2023-03-09 | Article | Insights
In this article we will focus on querying the user journey paths on our website or app. This query can provide many insights, such as identifying common paths or patterns, understanding the behaviour of different user segments, and optimising user journeys. We can also gain a good understanding of the role of individual channels within the user journey to inform both budget allocation on channels and the user experience, helping to optimise marketing and increase conversions in the future.
In the following query, we get the sequence of channels and timestamps per user.

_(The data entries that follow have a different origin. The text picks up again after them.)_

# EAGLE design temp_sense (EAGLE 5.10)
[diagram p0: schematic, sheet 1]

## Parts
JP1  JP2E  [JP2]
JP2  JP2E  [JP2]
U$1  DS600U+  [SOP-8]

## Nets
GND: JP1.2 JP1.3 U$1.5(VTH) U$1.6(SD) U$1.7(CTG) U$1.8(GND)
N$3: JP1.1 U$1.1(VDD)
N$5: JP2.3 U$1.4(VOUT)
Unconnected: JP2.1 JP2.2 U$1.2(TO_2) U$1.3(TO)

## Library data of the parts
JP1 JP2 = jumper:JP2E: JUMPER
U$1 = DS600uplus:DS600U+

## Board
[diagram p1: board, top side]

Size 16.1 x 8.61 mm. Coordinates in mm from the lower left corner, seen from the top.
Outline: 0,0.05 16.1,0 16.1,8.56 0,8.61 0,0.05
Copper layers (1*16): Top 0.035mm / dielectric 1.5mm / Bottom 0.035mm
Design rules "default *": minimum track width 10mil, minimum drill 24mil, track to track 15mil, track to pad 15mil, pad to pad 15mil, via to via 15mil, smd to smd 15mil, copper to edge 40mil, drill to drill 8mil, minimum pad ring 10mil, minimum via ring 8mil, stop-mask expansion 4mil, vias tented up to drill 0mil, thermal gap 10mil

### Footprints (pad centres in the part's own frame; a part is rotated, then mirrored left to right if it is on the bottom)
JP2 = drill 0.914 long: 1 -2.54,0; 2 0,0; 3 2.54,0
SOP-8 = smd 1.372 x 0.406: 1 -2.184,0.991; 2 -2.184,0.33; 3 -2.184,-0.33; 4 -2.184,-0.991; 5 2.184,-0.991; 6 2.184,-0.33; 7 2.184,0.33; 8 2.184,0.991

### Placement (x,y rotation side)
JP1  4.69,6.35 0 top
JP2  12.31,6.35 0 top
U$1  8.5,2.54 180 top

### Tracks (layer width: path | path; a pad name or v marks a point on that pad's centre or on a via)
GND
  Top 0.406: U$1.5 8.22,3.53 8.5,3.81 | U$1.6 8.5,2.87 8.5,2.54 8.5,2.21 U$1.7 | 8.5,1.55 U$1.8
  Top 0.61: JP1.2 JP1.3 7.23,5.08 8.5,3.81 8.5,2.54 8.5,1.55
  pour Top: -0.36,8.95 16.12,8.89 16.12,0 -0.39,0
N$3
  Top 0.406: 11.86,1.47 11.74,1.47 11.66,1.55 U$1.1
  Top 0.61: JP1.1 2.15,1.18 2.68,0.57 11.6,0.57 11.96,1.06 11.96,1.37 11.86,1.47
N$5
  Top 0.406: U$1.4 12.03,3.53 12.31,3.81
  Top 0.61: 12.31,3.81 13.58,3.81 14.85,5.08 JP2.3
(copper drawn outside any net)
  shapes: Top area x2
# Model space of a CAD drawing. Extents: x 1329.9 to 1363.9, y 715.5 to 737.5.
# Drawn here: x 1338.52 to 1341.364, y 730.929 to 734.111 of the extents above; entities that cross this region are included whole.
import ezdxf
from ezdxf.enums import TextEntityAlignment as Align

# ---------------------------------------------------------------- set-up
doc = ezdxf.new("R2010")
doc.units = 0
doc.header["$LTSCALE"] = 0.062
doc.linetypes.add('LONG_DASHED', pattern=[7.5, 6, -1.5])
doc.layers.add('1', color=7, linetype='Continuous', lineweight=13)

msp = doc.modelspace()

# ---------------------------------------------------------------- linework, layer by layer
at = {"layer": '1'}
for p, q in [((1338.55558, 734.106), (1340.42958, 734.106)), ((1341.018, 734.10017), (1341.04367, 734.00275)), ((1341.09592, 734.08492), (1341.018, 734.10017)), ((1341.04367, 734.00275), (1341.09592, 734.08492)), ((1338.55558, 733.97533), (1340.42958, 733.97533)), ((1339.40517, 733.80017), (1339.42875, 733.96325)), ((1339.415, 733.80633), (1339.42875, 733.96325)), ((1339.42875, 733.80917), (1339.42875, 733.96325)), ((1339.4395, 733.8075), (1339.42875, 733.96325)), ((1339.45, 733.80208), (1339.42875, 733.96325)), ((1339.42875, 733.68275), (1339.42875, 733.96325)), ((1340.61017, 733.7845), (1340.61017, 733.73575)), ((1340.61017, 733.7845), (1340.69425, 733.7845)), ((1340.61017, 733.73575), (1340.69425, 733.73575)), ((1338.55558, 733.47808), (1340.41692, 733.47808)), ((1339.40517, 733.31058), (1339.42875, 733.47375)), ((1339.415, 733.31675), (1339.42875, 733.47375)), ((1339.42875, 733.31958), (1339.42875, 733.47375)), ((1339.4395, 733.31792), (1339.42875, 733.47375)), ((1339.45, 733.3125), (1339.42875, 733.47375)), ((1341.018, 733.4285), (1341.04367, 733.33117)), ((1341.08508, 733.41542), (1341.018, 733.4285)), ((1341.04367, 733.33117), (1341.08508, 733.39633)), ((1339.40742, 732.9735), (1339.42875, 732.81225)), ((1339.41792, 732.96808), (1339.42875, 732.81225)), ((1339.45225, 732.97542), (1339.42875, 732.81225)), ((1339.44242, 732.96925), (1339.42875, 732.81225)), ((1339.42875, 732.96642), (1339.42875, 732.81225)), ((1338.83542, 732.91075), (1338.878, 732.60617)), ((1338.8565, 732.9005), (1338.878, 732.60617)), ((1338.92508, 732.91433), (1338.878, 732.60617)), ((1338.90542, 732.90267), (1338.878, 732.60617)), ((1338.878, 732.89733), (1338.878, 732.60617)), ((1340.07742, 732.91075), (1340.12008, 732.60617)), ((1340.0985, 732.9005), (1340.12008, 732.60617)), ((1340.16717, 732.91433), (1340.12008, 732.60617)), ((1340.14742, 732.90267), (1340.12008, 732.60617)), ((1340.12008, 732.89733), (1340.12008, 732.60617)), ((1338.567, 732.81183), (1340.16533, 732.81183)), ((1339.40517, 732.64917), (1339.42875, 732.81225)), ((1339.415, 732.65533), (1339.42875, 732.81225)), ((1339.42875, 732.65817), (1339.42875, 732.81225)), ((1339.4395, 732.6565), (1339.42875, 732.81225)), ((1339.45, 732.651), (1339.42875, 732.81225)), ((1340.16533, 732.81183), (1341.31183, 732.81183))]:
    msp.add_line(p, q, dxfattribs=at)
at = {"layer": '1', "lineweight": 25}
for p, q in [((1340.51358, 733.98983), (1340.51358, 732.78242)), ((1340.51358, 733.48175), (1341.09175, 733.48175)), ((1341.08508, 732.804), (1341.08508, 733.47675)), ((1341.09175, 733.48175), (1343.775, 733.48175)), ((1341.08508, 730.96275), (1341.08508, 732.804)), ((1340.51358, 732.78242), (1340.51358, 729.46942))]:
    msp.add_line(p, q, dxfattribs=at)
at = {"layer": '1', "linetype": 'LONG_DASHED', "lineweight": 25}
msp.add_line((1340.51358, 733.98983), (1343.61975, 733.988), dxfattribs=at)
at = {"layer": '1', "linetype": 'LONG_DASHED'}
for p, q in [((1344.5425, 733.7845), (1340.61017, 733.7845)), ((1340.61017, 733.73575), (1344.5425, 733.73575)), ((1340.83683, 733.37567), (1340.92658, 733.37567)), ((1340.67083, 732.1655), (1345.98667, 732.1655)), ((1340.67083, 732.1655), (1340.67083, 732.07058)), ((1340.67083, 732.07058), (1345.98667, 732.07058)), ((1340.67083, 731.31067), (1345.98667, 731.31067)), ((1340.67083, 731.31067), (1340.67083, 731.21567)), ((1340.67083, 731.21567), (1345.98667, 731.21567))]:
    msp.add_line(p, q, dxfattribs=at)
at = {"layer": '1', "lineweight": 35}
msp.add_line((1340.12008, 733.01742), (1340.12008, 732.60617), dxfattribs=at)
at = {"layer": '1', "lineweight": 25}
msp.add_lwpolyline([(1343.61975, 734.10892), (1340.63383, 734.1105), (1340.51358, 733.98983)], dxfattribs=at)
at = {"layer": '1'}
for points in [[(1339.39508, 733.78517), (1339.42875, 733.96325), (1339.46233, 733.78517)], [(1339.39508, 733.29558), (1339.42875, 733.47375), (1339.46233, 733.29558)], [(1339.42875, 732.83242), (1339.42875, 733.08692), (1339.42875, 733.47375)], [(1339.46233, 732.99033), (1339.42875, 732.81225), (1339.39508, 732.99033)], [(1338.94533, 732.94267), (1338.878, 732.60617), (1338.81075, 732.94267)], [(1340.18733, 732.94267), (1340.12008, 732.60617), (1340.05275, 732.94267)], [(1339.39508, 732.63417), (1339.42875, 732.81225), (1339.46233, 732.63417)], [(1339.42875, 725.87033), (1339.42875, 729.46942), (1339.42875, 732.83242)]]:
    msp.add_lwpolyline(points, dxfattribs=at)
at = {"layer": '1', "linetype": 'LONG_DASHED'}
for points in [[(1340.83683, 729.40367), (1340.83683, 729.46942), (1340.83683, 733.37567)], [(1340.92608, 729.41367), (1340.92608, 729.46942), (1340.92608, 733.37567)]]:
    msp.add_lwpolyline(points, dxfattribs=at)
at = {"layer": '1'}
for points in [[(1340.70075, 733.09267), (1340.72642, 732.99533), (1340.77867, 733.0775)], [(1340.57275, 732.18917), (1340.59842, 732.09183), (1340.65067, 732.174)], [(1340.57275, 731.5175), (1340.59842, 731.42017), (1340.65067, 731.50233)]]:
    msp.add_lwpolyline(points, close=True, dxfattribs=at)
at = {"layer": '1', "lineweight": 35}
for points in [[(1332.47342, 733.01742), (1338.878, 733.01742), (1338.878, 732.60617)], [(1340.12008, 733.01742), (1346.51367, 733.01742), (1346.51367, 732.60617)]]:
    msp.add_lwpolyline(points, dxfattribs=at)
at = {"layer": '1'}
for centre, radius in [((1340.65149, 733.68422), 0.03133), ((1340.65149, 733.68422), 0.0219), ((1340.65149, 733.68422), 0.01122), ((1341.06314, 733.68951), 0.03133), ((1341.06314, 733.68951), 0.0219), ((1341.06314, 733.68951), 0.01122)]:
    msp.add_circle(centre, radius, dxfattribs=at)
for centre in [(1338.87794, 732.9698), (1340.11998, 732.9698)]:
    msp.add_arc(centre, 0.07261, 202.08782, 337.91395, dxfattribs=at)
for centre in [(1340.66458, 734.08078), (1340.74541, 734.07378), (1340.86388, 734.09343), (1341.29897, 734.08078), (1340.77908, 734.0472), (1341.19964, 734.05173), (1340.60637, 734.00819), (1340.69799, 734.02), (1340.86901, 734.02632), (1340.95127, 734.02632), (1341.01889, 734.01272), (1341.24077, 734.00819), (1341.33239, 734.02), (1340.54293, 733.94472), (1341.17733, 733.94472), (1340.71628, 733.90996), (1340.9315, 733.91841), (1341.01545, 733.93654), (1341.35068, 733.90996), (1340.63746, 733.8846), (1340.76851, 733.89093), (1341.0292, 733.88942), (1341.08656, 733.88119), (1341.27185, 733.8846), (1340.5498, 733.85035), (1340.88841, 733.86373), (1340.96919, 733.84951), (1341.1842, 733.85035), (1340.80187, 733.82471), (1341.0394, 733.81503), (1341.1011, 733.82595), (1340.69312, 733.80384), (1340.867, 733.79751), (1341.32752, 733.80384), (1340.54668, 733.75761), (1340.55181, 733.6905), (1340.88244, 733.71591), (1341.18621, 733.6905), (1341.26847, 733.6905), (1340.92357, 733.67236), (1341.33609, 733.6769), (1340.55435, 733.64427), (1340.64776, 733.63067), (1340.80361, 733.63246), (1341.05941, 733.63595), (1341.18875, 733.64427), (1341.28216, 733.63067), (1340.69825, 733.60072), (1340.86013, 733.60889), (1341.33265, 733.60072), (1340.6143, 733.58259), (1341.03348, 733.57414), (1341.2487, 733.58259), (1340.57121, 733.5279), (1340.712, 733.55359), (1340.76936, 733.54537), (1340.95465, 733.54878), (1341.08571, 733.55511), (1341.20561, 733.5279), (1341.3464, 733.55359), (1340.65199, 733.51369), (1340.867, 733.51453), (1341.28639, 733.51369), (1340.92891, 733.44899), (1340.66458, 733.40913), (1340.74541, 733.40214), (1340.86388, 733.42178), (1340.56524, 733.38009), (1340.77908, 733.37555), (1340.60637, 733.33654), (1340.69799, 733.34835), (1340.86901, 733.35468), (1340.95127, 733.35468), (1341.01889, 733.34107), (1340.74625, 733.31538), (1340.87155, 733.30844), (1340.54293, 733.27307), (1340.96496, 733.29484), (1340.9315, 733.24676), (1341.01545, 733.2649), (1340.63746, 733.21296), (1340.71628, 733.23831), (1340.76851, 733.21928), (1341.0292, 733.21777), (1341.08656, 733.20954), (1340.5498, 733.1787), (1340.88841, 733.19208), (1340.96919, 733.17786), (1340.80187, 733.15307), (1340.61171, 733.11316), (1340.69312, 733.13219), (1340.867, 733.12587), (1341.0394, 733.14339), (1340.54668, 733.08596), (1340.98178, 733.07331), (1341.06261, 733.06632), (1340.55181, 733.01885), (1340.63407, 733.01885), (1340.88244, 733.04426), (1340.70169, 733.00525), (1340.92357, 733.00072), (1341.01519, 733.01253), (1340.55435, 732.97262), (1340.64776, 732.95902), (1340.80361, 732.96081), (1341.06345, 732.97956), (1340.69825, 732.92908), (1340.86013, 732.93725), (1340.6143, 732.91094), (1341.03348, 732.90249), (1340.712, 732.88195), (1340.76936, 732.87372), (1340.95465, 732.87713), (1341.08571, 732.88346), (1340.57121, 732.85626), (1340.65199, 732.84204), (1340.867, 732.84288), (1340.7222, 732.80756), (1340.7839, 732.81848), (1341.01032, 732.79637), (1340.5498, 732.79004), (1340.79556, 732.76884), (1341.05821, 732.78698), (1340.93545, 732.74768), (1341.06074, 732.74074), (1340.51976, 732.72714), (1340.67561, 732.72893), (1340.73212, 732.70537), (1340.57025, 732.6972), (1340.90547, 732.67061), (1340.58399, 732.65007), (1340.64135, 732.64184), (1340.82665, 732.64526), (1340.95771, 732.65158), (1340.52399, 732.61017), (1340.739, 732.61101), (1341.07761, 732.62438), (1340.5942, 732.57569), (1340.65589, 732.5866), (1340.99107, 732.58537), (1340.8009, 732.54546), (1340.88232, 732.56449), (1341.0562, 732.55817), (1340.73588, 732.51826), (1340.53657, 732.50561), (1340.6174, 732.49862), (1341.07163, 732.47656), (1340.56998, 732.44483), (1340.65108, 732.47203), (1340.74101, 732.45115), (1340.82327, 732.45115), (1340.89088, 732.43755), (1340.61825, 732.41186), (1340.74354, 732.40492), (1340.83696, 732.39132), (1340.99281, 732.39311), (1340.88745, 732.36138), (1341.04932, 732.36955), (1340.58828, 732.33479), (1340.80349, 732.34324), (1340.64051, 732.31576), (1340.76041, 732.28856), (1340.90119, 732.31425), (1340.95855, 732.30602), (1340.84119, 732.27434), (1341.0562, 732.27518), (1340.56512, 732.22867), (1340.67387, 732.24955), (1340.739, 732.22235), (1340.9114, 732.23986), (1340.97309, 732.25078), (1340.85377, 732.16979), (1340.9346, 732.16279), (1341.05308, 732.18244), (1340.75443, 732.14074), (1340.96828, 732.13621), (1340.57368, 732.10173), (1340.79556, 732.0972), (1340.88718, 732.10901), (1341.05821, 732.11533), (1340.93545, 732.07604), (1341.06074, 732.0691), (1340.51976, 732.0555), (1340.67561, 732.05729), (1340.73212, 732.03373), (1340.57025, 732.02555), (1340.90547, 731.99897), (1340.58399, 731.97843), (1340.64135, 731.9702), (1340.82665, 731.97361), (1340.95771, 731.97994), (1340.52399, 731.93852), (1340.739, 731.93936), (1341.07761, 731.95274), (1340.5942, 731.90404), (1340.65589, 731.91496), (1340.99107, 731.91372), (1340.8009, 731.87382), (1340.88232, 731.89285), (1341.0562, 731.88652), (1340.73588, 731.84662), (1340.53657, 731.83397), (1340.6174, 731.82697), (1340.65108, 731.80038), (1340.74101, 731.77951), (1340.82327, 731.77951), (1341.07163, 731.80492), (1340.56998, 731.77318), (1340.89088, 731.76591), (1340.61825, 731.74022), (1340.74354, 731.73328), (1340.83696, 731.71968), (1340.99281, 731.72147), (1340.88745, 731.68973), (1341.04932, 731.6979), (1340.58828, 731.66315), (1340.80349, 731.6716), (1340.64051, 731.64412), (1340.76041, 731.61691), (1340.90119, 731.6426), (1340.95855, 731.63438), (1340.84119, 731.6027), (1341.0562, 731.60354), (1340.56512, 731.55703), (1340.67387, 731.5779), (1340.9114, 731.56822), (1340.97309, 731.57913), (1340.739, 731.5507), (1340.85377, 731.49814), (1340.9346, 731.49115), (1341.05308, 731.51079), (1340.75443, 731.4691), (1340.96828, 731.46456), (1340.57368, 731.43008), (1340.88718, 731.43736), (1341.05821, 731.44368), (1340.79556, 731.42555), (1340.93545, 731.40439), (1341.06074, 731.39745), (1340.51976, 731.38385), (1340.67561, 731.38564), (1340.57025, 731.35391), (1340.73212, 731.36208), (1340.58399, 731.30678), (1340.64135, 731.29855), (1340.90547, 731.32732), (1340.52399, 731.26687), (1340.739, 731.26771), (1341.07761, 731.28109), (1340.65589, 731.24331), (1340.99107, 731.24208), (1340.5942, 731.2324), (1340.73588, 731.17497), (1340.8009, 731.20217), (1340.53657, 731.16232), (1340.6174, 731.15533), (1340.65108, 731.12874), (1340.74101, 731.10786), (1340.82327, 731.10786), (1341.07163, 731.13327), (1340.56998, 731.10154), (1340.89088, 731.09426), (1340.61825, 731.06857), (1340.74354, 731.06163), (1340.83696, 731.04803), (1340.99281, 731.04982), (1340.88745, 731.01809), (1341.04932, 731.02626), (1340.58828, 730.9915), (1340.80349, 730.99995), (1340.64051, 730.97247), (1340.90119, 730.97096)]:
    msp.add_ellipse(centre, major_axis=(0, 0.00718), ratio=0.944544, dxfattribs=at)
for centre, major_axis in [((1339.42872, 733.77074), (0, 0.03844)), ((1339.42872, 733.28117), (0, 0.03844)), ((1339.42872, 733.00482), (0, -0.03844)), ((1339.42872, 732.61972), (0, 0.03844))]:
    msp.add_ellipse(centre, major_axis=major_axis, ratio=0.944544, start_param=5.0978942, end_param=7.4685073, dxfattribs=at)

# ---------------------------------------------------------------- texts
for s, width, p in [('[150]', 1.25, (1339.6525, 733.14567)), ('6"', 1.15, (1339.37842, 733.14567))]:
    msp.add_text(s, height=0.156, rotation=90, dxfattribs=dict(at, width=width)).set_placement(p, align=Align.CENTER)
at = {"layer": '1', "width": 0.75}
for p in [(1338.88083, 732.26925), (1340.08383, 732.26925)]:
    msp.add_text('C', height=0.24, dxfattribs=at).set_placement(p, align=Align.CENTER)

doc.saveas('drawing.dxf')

This can be extended to sequences of devices or filtered for paths that lead to a conversion goal. To get the timestamps of each touchpoint we will get the event timestamp of the session_start event in the first subquery. For getting the source and medium combination in the second subquery we will unnest the event parameters to capture the source and medium of the individual sessions (We have talked about how to query source and medium for individual sessions in this article ). These two tables are then joined together on the user id to bring timestamps of session starts and source/medium combinations in one table. In the last part of the query, we will build our sequences of timestamps and source/medium using an aggregation function called ‘STRING_AGG’ which takes all timestamps and source/medium combinations from a user and concatenates them into a single string sorted by ascending timestamp. See the transformation example below:
WITH
#---get the session start timestamp
t1 AS (
SELECT
DISTINCT user_pseudo_id,
(
SELECT
value.int_value
FROM
UNNEST(event_params)
WHERE
KEY = 'ga_session_id') AS session_id,
event_timestamp,
FROM
-- Replace the following table WITH your own data
`bigquery-public-data.ga4_obfuscated_sample_ecommerce.events_*`
WHERE
event_name='session_start' ),
#---get the source/medium combination of each session
t2 AS(
SELECT
DISTINCT user_pseudo_id AS user_pseudo_id_m,
(
SELECT
value.int_value
FROM
UNNEST(event_params)
WHERE
KEY = 'ga_session_id') AS session_id_m,
CONCAT( MAX((
SELECT
value.string_value
FROM
UNNEST(event_params)
WHERE
KEY = 'source')), ' / ', MAX((
SELECT
value.string_value
FROM
UNNEST(event_params)
WHERE
KEY = 'medium'))) AS source_medium,
FROM
-- Replace the following table WITH your own data
`bigquery-public-data.ga4_obfuscated_sample_ecommerce.events_*`
GROUP BY
1,
2),
#--- join session start timestamps and the channels of each session
t3 AS(
SELECT
t1.*,
t2.source_medium
FROM
t1
LEFT JOIN
t2
ON
t1.user_pseudo_id=t2.user_pseudo_id_m
AND t1.session_id=t2.session_id_m
ORDER BY
1,
2,
3)
#--- aggregate per user the timestamps and touchpoints in order
SELECT
user_pseudo_id,
STRING_AGG(CAST(event_timestamp AS STRING), ' > ' ORDER BY event_timestamp) AS timestamp,
STRING_AGG(source_medium, ' > 'ORDER BY event_timestamp) AS touchpoints,
FROM
t3
GROUP BY 1
ORDER BY
1,
2
This report can be extended for various use cases. Here are some tips to get inspired:
1. Product category path analysis: This query can be adjusted to a product category level to learn about their user journey. For example, the number of touchpoints and the length of time from first visit to purchase. By learning about the individual journeys of the product categories, we can create more effective marketing activities at the product category level to optimise our budget planning.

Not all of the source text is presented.